At 1.27 A.M. Clarke rises and goes home. At two o’clock Lord closes his desk. Most of the desk men disappear; the work is done. The night editor—Van Anda or the imperturbable Smith—remains at his desk, with the “long wait” reporter to bear him company. At half past three they also go, and the watchman begins to turn out the lights. Down below, the presses are tossing forth the product of a night’s work in the big, bare, old room.

A story of the Sun would be incomplete without a sketch of its little sister. The Evening Sun was established by Mr. Dana nearly twenty years after he bought the Sun. He saw a place for a one-cent evening newspaper, for the only journal of that description then published in New York was the Daily News, which was largely a class publication. The leading evening newspapers were the Evening Post, the Commercial Advertiser, and the Mail and Express, selling for three cents and catering to a highbrow or a partisan clientele.

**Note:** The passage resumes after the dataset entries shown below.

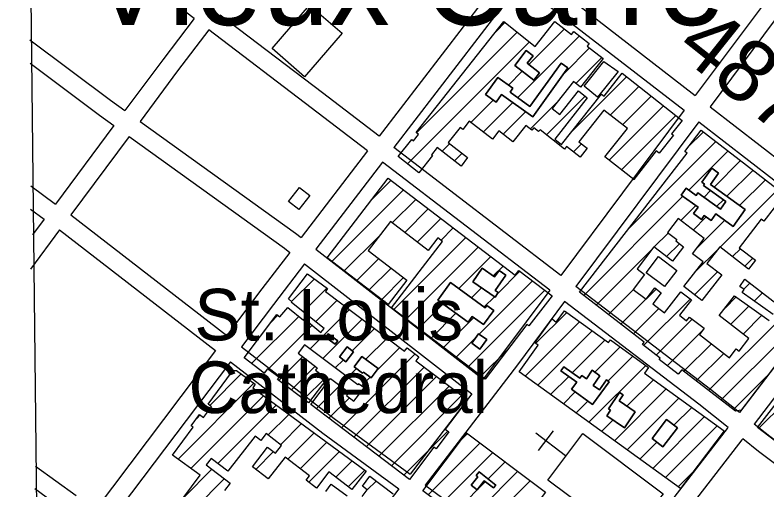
# Model space of a CAD drawing. Extents: x 3677843 to 3715951, y 511991 to 537744.
# Drawn here: x 3681900 to 3683108, y 532447 to 533211 of the extents above; entities that cross this region are included whole.
import ezdxf

# ---------------------------------------------------------------- set-up
doc = ezdxf.new("R2010")
doc.units = 0
for name, color, linetype in [('V-BLDG-OTLN', 7, 'Continuous'), ('V-GRID-FRAM', 7, 'Continuous'), ('V-ROAD-CNTR', 7, 'Continuous'), ('V-SITE-OTLN', 7, 'Continuous'), ('V-SITE-OTLN-IDEN', 7, 'Continuous'), ('V-SURV-IDEN', 7, 'Continuous'), ('V-TOPO-GNAM-IDEN', 7, 'Continuous')]:
    doc.layers.add(name, color=color, linetype=linetype)

msp = doc.modelspace()

# ---------------------------------------------------------------- linework, layer by layer
at = {"layer": 'V-BLDG-OTLN'}
for p, q in [((3682672.7, 533184.7), (3682686.9, 533198.9)), ((3682544.8, 533021.5), (3682706.7, 533183.3)), ((3682725.5, 533131.4), (3682782.6, 533188.6)), ((3682530.3, 532971.6), (3682726.5, 533167.8)), ((3682707.5, 533078.1), (3682806.9, 533177.5)), ((3682782.5, 533117.7), (3682822.9, 533158.1)), ((3682801.2, 533101.1), (3682842.7, 533142.5)), ((3682692.5, 533098.4), (3682714.6, 533120.5)), ((3682795, 533024.2), (3682882.5, 533111.7)), ((3682856.3, 533050.1), (3682902.3, 533096.1)), ((3682632.3, 533038.3), (3682668.1, 533074.1)), ((3682727.6, 533027.5), (3682770.9, 533070.8)), ((3682753.6, 533018.2), (3682815.9, 533080.4)), ((3682876.1, 533034.6), (3682922.1, 533080.6)), ((3682652.1, 533022.7), (3682699.6, 533070.2)), ((3682854.4, 532977.5), (3682941.9, 533065)), ((3682684.1, 533019.3), (3682720.2, 533055.4)), ((3682874.2, 532961.9), (3682961.7, 533049.4)), ((3682981.2, 532998.3), (3683006.1, 533023.1)), ((3682586.1, 532992), (3682598.4, 533004.3)), ((3682773.4, 533002.6), (3682775.4, 533004.5)), ((3682797, 532990.8), (3682810, 533003.8)), ((3682886.8, 532868.4), (3683026, 533007.7)), ((3682605.8, 532976.4), (3682618.2, 532988.8)), ((3682982.8, 532929.1), (3683046, 532992.3)), ((3683023.2, 532934.2), (3683065.9, 532976.9)), ((3683043.8, 532919.4), (3683085.9, 532961.5)), ((3682472.6, 532913.9), (3682503.7, 532945)), ((3682893.9, 532946.3), (3682895.1, 532947.5)), ((3683064.3, 532904.6), (3683105.8, 532946.1)), ((3682408.8, 532814.7), (3682523.8, 532929.7)), ((3683007.1, 532918), (3683017.6, 532928.6)), ((3683032.9, 532837.8), (3683125.7, 532930.6)), ((3682505.9, 532876.5), (3682543.8, 532914.4)), ((3682813.7, 532760), (3682973.1, 532919.4)), ((3683027.6, 532903.3), (3683038.2, 532913.8)), ((3682969.5, 532880.5), (3682993.6, 532904.6)), ((3682526, 532861.2), (3682563.8, 532899.1)), ((3682546, 532845.9), (3682583.9, 532883.8)), ((3682989.5, 532865.1), (3683010.6, 532886.2)), ((3682994, 532834.2), (3683040.5, 532880.8)), ((3682584, 532848.5), (3682603.9, 532868.5)), ((3682428.8, 532799.4), (3682485.8, 532856.4)), ((3682927, 532837.9), (3682949.4, 532860.4)), ((3682508.2, 532737.3), (3682624, 532853.1)), ((3682946.9, 532822.5), (3682967.6, 532843.2)), ((3682528.2, 532722), (3682644, 532837.8)), ((3682833.6, 532744.6), (3682924.5, 532835.4)), ((3682993.5, 532798.4), (3683029.6, 532834.5)), ((3683014.4, 532607.2), (3683243.3, 532836.1)), ((3683052.9, 532822.4), (3683065.6, 532835.1)), ((3682448.8, 532784.1), (3682484.1, 532819.3)), ((3682612.7, 532771.1), (3682664.1, 532822.5)), ((3683072.8, 532807), (3683085.5, 532819.7)), ((3682668.2, 532791.3), (3682684.1, 532807.2)), ((3682468.9, 532768.8), (3682504.1, 532804)), ((3682674.8, 532762.5), (3682711.2, 532798.9)), ((3682991.6, 532761.1), (3683028.6, 532798.2)), ((3682344, 532750), (3682380.8, 532786.7)), ((3682488.9, 532753.5), (3682524.2, 532788.7)), ((3682645.4, 532697.8), (3682731.2, 532783.6)), ((3682362.9, 532733.5), (3682400.9, 532771.5)), ((3682633.2, 532756.3), (3682649.3, 532772.4)), ((3682853.6, 532729.2), (3682893.7, 532769.3)), ((3682914.9, 532755.2), (3682930.1, 532770.3)), ((3683034.3, 532591.8), (3683222, 532779.5)), ((3683071.1, 532769.9), (3683080.9, 532779.8)), ((3682628.4, 532645.5), (3682751.2, 532768.3)), ((3682653.7, 532741.4), (3682670.2, 532757.9)), ((3683040.9, 532739.7), (3683058.6, 532757.5)), ((3683087.5, 532751), (3683100.9, 532764.4)), ((3682382.5, 532717.8), (3682417.1, 532752.4)), ((3682548.2, 532706.7), (3682587.8, 532746.3)), ((3682873.5, 532713.8), (3682913.7, 532753.9)), ((3682910, 532679.5), (3682984.7, 532754.2)), ((3682374, 532673.9), (3682437.3, 532737.2)), ((3682736.4, 532682.7), (3682786.3, 532732.6)), ((3682893.5, 532698.4), (3682934.3, 532739.2)), ((3683049.8, 532713.3), (3683079.3, 532742.8)), ((3682279.8, 532650.4), (3682355.6, 532726.2)), ((3682310.6, 532716.5), (3682322.1, 532728.1)), ((3682394.2, 532658.7), (3682457.4, 532721.9)), ((3682568.3, 532691.4), (3682608.3, 532731.4)), ((3682588.3, 532676.1), (3682636.8, 532724.5)), ((3682929.9, 532664.1), (3682987.9, 532722)), ((3683069.8, 532697.9), (3683100, 532728.1)), ((3682306.4, 532641.6), (3682376.9, 532712.1)), ((3682719.3, 532630.3), (3682806.8, 532717.8)), ((3682441.7, 532670.9), (3682477.6, 532706.7)), ((3682739.9, 532615.5), (3682827.3, 532702.9)), ((3682948, 532646.9), (3683004, 532702.9)), ((3682463.5, 532657.3), (3682497.7, 532691.5)), ((3682608.4, 532660.8), (3682641.1, 532693.5)), ((3682795.3, 532635.6), (3682847.8, 532688.1)), ((3682481.5, 532639.9), (3682517.9, 532676.3)), ((3682648.5, 532630.1), (3682692.5, 532674.2)), ((3682831.7, 532636.6), (3682872.3, 532677.2)), ((3682974.5, 532638), (3683018.8, 532682.3)), ((3682323.5, 532623.4), (3682361.6, 532661.5)), ((3682424.2, 532547.3), (3682542.8, 532665.9)), ((3682852.8, 532622.4), (3682892.8, 532662.3)), ((3682994.5, 532622.6), (3683038.7, 532666.8)), ((3682414.3, 532643.5), (3682427.3, 532656.5)), ((3683094.8, 532546.1), (3683205.4, 532656.8)), ((3682299.9, 532635.2), (3682301.2, 532636.4)), ((3682343.7, 532608.2), (3682381.8, 532646.3)), ((3682434.5, 532628.3), (3682448.6, 532642.4)), ((3682444.3, 532532), (3682557, 532644.8)), ((3682821.9, 532556.1), (3682913.3, 532647.5)), ((3682212.5, 532583.1), (3682263.1, 532633.7)), ((3682363.8, 532593), (3682398.5, 532627.7)), ((3682456.3, 532614.7), (3682470.3, 532628.7)), ((3682464.4, 532516.8), (3682577.1, 532629.5)), ((3682760.4, 532600.6), (3682789.5, 532629.7)), ((3682883, 532581.9), (3682925.7, 532624.5)), ((3683054.3, 532576.4), (3683108.2, 532630.2)), ((3682161.6, 532496.9), (3682283.5, 532618.8)), ((3682384, 532577.9), (3682421.6, 532615.4)), ((3682484.5, 532501.5), (3682597.3, 532614.3)), ((3682780.9, 532585.8), (3682800, 532604.9)), ((3682838.8, 532608.3), (3682839.3, 532608.8)), ((3682862.9, 532526.4), (3682946.2, 532609.7)), ((3682182, 532481.9), (3682298.8, 532598.6)), ((3682404.1, 532562.6), (3682437, 532595.5)), ((3682504.6, 532486.2), (3682617.4, 532599.1)), ((3682801.4, 532571), (3682820.4, 532589.9)), ((3682883.5, 532511.6), (3682966.7, 532594.8)), ((3682225.3, 532489.9), (3682319.2, 532583.7)), ((3682958.7, 532551.5), (3682987.2, 532580)), ((3682191.6, 532562.2), (3682197.1, 532567.7)), ((3682306.1, 532535.3), (3682339.6, 532568.7)), ((3682924.5, 532481.9), (3683007.7, 532565.1)), ((3682326.1, 532519.9), (3682360, 532553.8)), ((3682842.4, 532541.3), (3682860.7, 532559.5)), ((3682524.6, 532471), (3682595.3, 532541.6)), ((3682945, 532467.1), (3683028.2, 532550.3)), ((3682338.1, 532496.6), (3682380.4, 532538.8)), ((3682617.2, 532528.2), (3682627, 532537.9)), ((3682358.1, 532481.2), (3682400.8, 532523.9)), ((3682563.6, 532439.2), (3682647.1, 532522.8)), ((3682904, 532496.7), (3682931.2, 532523.9)), ((3682286.5, 532480.3), (3682315.1, 532508.9)), ((3682371.9, 532459.6), (3682421.2, 532508.9)), ((3682583.8, 532424), (3682667.3, 532507.6)), ((3682415.3, 532467.7), (3682441.6, 532494)), ((3682660, 532464.9), (3682687.5, 532492.4)), ((3682171.2, 532435.7), (3682215.9, 532480.4)), ((3682435.2, 532452.3), (3682462, 532479)), ((3682624.1, 532393.7), (3682707.7, 532477.2)), ((3682965.5, 532452.2), (3682988.3, 532475)), ((3682170.1, 532399.2), (3682235.9, 532465)), ((3682465.7, 532447.4), (3682479.8, 532461.5)), ((3682607.5, 532412.4), (3682655.6, 532460.5)), ((3682700.7, 532434.9), (3682727.9, 532462.1))]:
    msp.add_line(p, q, dxfattribs=at)
for points in [[(3682425.3, 533181.6), (3682365.1, 533111.8), (3682312.8, 533156.9), (3682373, 533226.7)], [(3682570.5, 532985.2), (3682548.5, 532957.3), (3682515.4, 532983.2), (3682537.1, 533010.7), (3682539.8, 533008.6), (3682548, 533019), (3682544.5, 533021.8), (3682685, 533200.4), (3682735.5, 533160.6), (3682767.1, 533200.8), (3682793.8, 533179.8), (3682797.7, 533184.7), (3682822.5, 533165.2), (3682819.2, 533161), (3682844.7, 533140.9), (3682808.7, 533095.1), (3682797.2, 533104.2), (3682763.1, 533060.9), (3682775.5, 533051.2), (3682805.1, 533088.8), (3682819.3, 533077.7), (3682767, 533011.1), (3682777.9, 533002.5), (3682842, 533083.9), (3682846.4, 533080.4), (3682875.4, 533117.3), (3682971.9, 533041.4), (3682955, 533019.9), (3682957.7, 533017.8), (3682934.8, 532988.7), (3682930.3, 532992.3), (3682894.1, 532946.2), (3682847.7, 532982.7), (3682883.8, 533028.5), (3682846.2, 533058.1), (3682806, 533007), (3682819.1, 532996.6), (3682807.8, 532982.3), (3682785.9, 532999.5), (3682782.6, 532995.4), (3682743.4, 533026.3), (3682741.2, 533023.5), (3682733.4, 533029.7), (3682730.1, 533025.6), (3682720.5, 533033.1), (3682699.9, 533006.8), (3682677.3, 533024.6), (3682666.8, 533011.2), (3682629.7, 533040.3), (3682619.1, 533026.8), (3682614.8, 533030.1), (3682596, 533006.2), (3682627.1, 532981.7), (3682616.4, 532968.1), (3682578.3, 532998.1), (3682569.1, 532986.3)], [(3682702.7, 533129.8), (3682721.3, 533153.7), (3682732.2, 533145.1), (3682723, 533133.3), (3682742.6, 533118), (3682733.2, 533106)], [(3682702.7, 533129.8), (3682733.2, 533106), (3682742.6, 533118), (3682723, 533133.3), (3682732.2, 533145.1), (3682721.3, 533153.7)], [(3682731.7, 533047.1), (3682681.7, 533083.1), (3682672.7, 533070.7), (3682655.7, 533083), (3682675.6, 533110.6), (3682699.7, 533093.3), (3682695.2, 533087), (3682727.2, 533063.9), (3682777.4, 533133.6), (3682788.3, 533125.8)], [(3682731.7, 533047.1), (3682788.3, 533125.8), (3682777.4, 533133.6), (3682727.2, 533063.9), (3682695.2, 533087), (3682699.7, 533093.3), (3682675.6, 533110.6), (3682655.7, 533083), (3682672.7, 533070.7), (3682681.7, 533083.1)], [(3682869.1, 533120.1), (3682835.8, 533079), (3682814.1, 533096.5), (3682846.2, 533136.3)], [(3683017.2, 532938.5), (3683073.4, 532898.1), (3683054, 532871.1), (3683026.2, 532891), (3683018.6, 532880.4), (3683007.3, 532888.6), (3683002.8, 532882.3), (3682990, 532891.6), (3682997.4, 532901.9), (3682970.4, 532921.3), (3682978.3, 532932.4), (3682994.2, 532920.9), (3682997.3, 532925.1), (3683033.6, 532899), (3683042.2, 532910.9), (3683006.4, 532936.7), (3683007.9, 532938.8), (3683003.6, 532941.9), (3683019.8, 532964.5), (3683030.4, 532956.8)], [(3683017.2, 532938.5), (3683030.4, 532956.8), (3683019.8, 532964.5), (3683003.6, 532941.9), (3683007.9, 532938.8), (3683006.4, 532936.7), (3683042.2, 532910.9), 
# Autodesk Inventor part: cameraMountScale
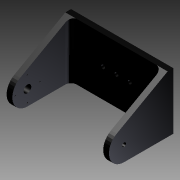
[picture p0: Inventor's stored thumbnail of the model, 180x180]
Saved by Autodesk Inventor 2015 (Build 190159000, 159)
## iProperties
Created: 2015-02
Part Number: cameraMountScale
Material: Generic
Document SubType Name: Modeling
Designer: sungeun
Density: 1 g/cm^3
Appearance: Default
Author: sungeun
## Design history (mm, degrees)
feature "cameraMount"
feature "MeshFeature1"
body "Solid1"
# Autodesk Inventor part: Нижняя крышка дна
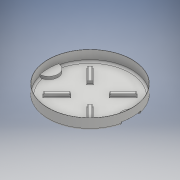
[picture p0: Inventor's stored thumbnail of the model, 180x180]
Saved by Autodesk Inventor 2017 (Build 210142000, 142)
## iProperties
Part Number: Нижняя крышка дна
Material: Типовые
Document SubType Name: Modeling
Designer: MaxZam
Density: 1 g/cm^3
Appearance: По умолчанию
Author: MaxZam
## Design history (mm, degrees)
sketch "Эскиз1"
  geometry: C1 r 223.5 at (0, 0); 1 further point
  constraints: 1 centre point, 1 coincident
  dimensions: "d0" = 447 diameter of C1
extrude "Выдавливание1" new body sketch "Эскиз1" distance "d1" = 2; taper "d2" = 0 deg
sketch "Эскиз2"
  geometry: C1 r 223.5 at (0, 0); C2 r 222 at (0, 0); 1 further point
  constraints: 2 centre point, 2 coincident
  dimensions: "d3" = 447 diameter of C1; "d4" = 444 diameter of C2
extrude "Выдавливание2" join sketch "Эскиз2" distance "d5" = 56; taper "d6" = 0 deg
fillet "Сопряжение1" dims "d7" = 10
sketch "Эскиз3"
  geometry: L1 (223.5, 0)-(-222, 0); A1 r 223.5 centre (0, 0) between (-217.835, -50) and (223.5, 0) reference; A2 r 50.047 centre (-220, 0) between (-217.835, -50) and (-217.835, 50); A3 r 50.047 centre (220, 0) between (217.835, 50) and (217.835, -50); A4 r 223.5 centre (2.056, 10) between (-217.835, 50) and (-213.35, -49.603); A5 r 223.5 centre (0, 0) between (217.835, -50) and (217.835, 50); 2 further points
  constraints: 15 point on circle, 4 centre point, 2 end point, 1 equal radius, 1 horizontal, 1 horizontal alignment, 1 other
  dimensions: "d9" = 50 distance from line of A2.end L1; "d10" = 50 distance from line of A1.start L1; "d11" = 0 distance from line of point (0, 0) L1; "d12" = 220 distance of A2.centre A1.centre; "d13" = 50 distance from line of L1 A3.start; "d14" = 50 distance from line of L1 A3.end; "d15" = 220 distance of A1.centre A3.centre
extrude "Выдавливание3" join sketch "Эскиз3" distance "d16" = 15; taper "d17" = 0 deg
sketch "Эскиз4"
  geometry: A1 r 223.5 centre (0, 0) between (217.835, -50) and (217.835, 50) reference; A2 r 50.047 centre (220, 0) between (206.453, 48.178) and (206.453, -48.178) reference; A3 r 223.5 centre (0, 0) between (-217.835, 50) and (-217.835, -50) reference; A4 r 50.047 centre (-220, 0) between (-206.453, -48.178) and (-206.453, 48.178) reference; A5 r 223.5 centre (0, 0) between (217.835, -50) and (217.835, 50); A6 r 223.5 centre (0, 0) between (-217.835, 50) and (-217.835, -50); A7 r 48.651 centre (-221.5, 0) between (-218.166, -48.537) and (-218.166, 48.537); A8 r 48.651 centre (221.5, 0) between (218.166, 48.537) and (218.166, -48.537); 2 further points
  constraints: 12 point on circle, 4 centre point, 5 other
  dimensions: "d18" = 0 vertical distance of A7.centre A4.centre; "d19" = 1.5 distance of A7.centre A4.centre; "d20" = 0 vertical distance of A2.centre A8.centre; "d21" = 1.5 distance of A2.centre A8.centre; "d22" = 1.5 distance of A8.end A1.start; "d23" = 1.5 distance of A7.start A3.end
extrude "Выдавливание4" cut sketch "Эскиз4" distance "d24" = 13.5; taper "d25" = 0 deg
fillet "Сопряжение2" dims "d26" = 10
fillet "Сопряжение3" dims "d27" = 9
sketch "Эскиз5"
  geometry: L1 (116.673, -130.815)-(-130.815, 116.673); L2 (-130.815, 116.673)-(-116.673, 130.815); L3 (-116.673, 130.815)-(130.815, -116.673); L4 (130.815, -116.673)-(116.673, -130.815); L5 (130.815, 116.673)-(-116.673, -130.815); L6 (-116.673, -130.815)-(-130.815, -116.673); L7 (-130.815, -116.673)-(116.673, 130.815); L8 (116.673, 130.815)-(130.815, 116.673); L9 (28.827, 0)-(-21.737, 0); L10 (-45.962, -60.104)-(-60.104, -45.962); L11 (-60.104, 45.962)-(-45.962, 60.104); L12 (60.104, -45.962)-(45.962, -60.104); L13 (45.962, 60.104)-(60.104, 45.962); 1 further point
  constraints: 26 end point, 8 point on line, 6 perpendicular, 1 horizontal
  dimensions: "d28" = 10 distance from line of L1 point (0, 0); "d29" = 10 distance from line of point (0, 0) L3; "d30" = 0 deg angle of L1 L3; "d31" = 90 deg angle of L3 L4; "d32" = 10 distance from line of L5 point (0, 0); "d33" = 10 distance from line of point (0, 0) L7; "d34" = 90 deg angle of L6 L7; "d35" = 90 deg angle of L5 L8; "d36" = 45 deg angle of L9 L3; "d37" = 45 deg angle of L7 L9; "d38" = 350 distance of L1.start L1.end; "d39" = 350 distance of L5.start L5.end; "d40" = 175 distance from line of L6 point (0, 0); "d41" = 175 distance from line of L4 point (0, 0); "d42" = 75 distance from line of L12 point (0, 0); "d43" = 75 distance from line of L10 point (0, 0); "d44" = 75 distance from line of point (0, 0) L11; "d45" = 75 distance from line of L13 point (0, 0)
extrude "Выдавливание5" join sketch "Эскиз5" distance "d46" = 15; taper "d47" = 0 deg
sketch "Эскиз6"
  geometry: L1 (-116.673, -130.815)-(-130.815, -116.673) reference; L2 (-130.815, -116.673)-(-60.104, -45.962) reference; L3 (-60.104, -45.962)-(-45.962, -60.104) reference; L4 (-45.962, -60.104)-(-116.673, -130.815) reference; L5 (116.673, -130.815)-(45.962, -60.104) reference; L6 (45.962, -60.104)-(60.104, -45.962) reference; L7 (60.104, -45.962)-(130.815, -116.673) reference; L8 (130.815, -116.673)-(116.673, -130.815) reference; L9 (130.815, 116.673)-(60.104, 45.962) reference; L10 (60.104, 45.962)-(45.962, 60.104) reference; L11 (45.962, 60.104)-(116.673, 130.815) reference; L12 (116.673, 130.815)-(130.815, 116.673) reference; L13 (-130.815, 116.673)-(-116.673, 130.815) reference; L14 (-116.673, 130.815)-(-45.962, 60.104) reference; L15 (-45.962, 60.104)-(-60.104, 45.962) reference; L16 (-60.104, 45.962)-(-130.815, 116.673) reference; L17 (-116.673, -128.693)-(-128.693, -116.673); L18 (-128.693, -116.673)-(-60.104, -48.083); L19 (-60.104, -48.083)-(-48.083, -60.104); L20 (-48.083, -60.104)-(-116.673, -128.693); L21 (-60.104, 48.083)-(-128.693, 116.673); L22 (-128.693, 116.673)-(-116.673, 128.693); L23 (-116.673, 128.693)-(-48.083, 60.104); L24 (-48.083, 60.104)-(-60.104, 48.083); L25 (60.104, 48.083)-(48.083, 60.104); L26 (48.083, 60.104)-(116.673, 128.693); L27 (116.673, 128.693)-(128.693, 116.673); L28 (128.693, 116.673)-(60.104, 48.083); L29 (116.673, -128.693)-(48.083, -60.104); L30 (48.083, -60.104)-(60.104, -48.083); L31 (60.104, -48.083)-(128.693, -116.673); L32 (128.693, -116.673)-(116.673, -128.693); 1 further point
  constraints: 32 end point, 12 perpendicular, 1 parallel
  dimensions: "d48" = 1.5 distance between parallel lines of L1 L17; "d49" = 1.5 distance between parallel lines of L4 L20; "d50" = 1.5 distance between parallel lines of L2 L18; "d51" = 1.5 distance between parallel lines of L19 L3; "d52" = 1.5 distance between parallel lines of L5 L29; "d53" = 1.5 distance between parallel lines of L8 L32; "d54" = 1.5 distance between parallel lines of L7 L31; "d55" = 1.5 distance between parallel lines of L6 L30; "d56" = 1.5 distance between parallel lines of L10 L25; "d57" = 1.5 distance between parallel lines of L11 L26; "d58" = 1.5 distance between parallel lines of L9 L28; "d59" = 1.5 distance between parallel lines of L12 L27; "d60" = 1.5 distance between parallel lines of L16 L21; "d61" = 1.5 distance between parallel lines of L15 L24; "d62" = 1.5 distance between parallel lines of L14 L23; "d63" = 1.5 distance between parallel lines of L13 L22
extrude "Выдавливание6" cut sketch "Эскиз6" distance "d64" = 13.5; taper "d65" = 0 deg
fillet "Сопряжение4" dims "d66" = 3
node "Твердое тело1"
node "Спроецированная петля1"
node "Спроецированная петля2"
node "Спроецированная петля3"
node "Спроецированная петля4"

The first Evening Sun was issued on March 17, 1887, at an hour when the St. Patrick’s Day parade was being reviewed by Mayor Hewitt. With its four pages of six columns each, its brief, lively presentation of general news, and its low price, the paper was an immediate success—though not the success that it is to-day, with its sixteen pages, its wealth of special articles, and the many features that make it one of America’s best evening newspapers.

The new paper had no titular editor-in-chief. Mr. Dana was the editor of the Sun and had the general guidance of the evening paper. Dana’s associate, the publisher of the Sun, William M. Laffan, took a deep interest in the welfare of the new venture, and the Evening Sun was often referred to as his “baby.”